* _Exercise objective_
Write out the entries below exactly as they stand. Skip every image.

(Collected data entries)
────────

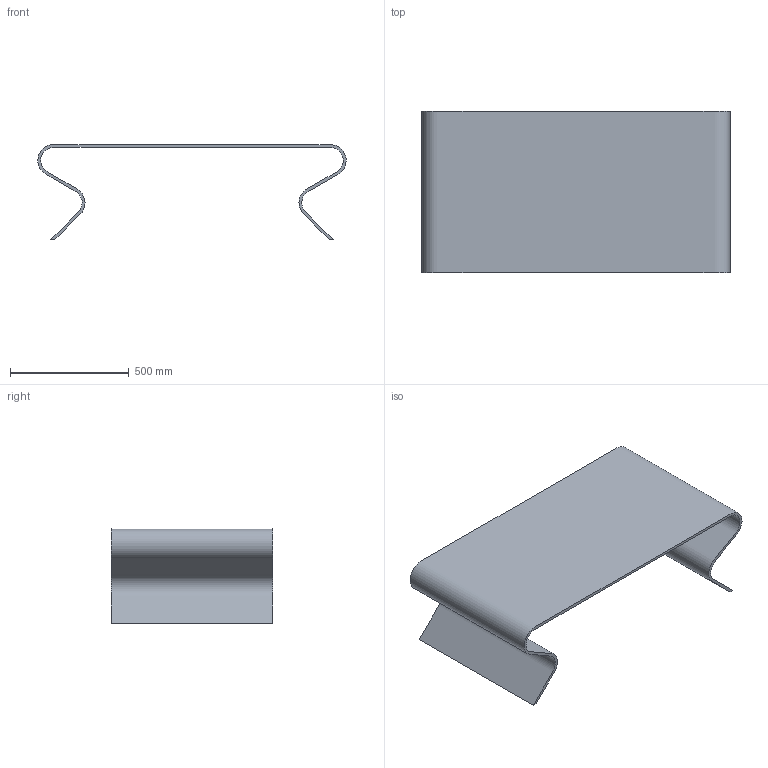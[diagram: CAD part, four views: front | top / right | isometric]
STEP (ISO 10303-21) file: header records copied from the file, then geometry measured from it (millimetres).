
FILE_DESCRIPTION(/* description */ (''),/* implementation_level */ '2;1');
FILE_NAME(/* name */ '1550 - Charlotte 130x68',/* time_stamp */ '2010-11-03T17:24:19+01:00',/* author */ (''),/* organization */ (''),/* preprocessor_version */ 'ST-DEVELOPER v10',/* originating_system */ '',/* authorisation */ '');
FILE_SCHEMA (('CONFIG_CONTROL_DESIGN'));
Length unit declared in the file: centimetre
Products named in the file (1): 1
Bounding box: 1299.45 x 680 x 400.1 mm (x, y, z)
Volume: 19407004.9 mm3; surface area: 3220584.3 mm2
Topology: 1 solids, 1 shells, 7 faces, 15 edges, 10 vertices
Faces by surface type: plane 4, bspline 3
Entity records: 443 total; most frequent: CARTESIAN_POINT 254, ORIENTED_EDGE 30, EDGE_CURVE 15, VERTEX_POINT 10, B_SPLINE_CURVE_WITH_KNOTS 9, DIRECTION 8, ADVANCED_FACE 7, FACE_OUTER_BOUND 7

────────

* _Task solution_
[diagram: CAD part, four views: front | top / right | isometric]
STEP (ISO 10303-21) file: header records copied from the file, then geometry measured from it (millimetres).
FILE_DESCRIPTION(/* description */ (''),/* implementation_level */ '2;1');
FILE_NAME(/* name */ '1550 - Charlotte 130x68',/* time_stamp */ '2010-11-03T17:24:19+01:00',/* author */ (''),/* organization */ (''),/* preprocessor_version */ 'ST-DEVELOPER v10',/* originating_system */ '',/* authorisation */ '');
FILE_SCHEMA (('CONFIG_CONTROL_DESIGN'));
Length unit declared in the file: centimetre
Products named in the file (1): 1
Bounding box: 1299.45 x 680 x 400.1 mm (x, y, z)
Volume: 19407004.9 mm3; surface area: 3220584.3 mm2
Topology: 1 solids, 1 shells, 7 faces, 15 edges, 10 vertices
Faces by surface type: plane 4, bspline 3
Entity records: 443 total; most frequent: CARTESIAN_POINT 254, ORIENTED_EDGE 30, EDGE_CURVE 15, VERTEX_POINT 10, B_SPLINE_CURVE_WITH_KNOTS 9, DIRECTION 8, ADVANCED_FACE 7, FACE_OUTER_BOUND 7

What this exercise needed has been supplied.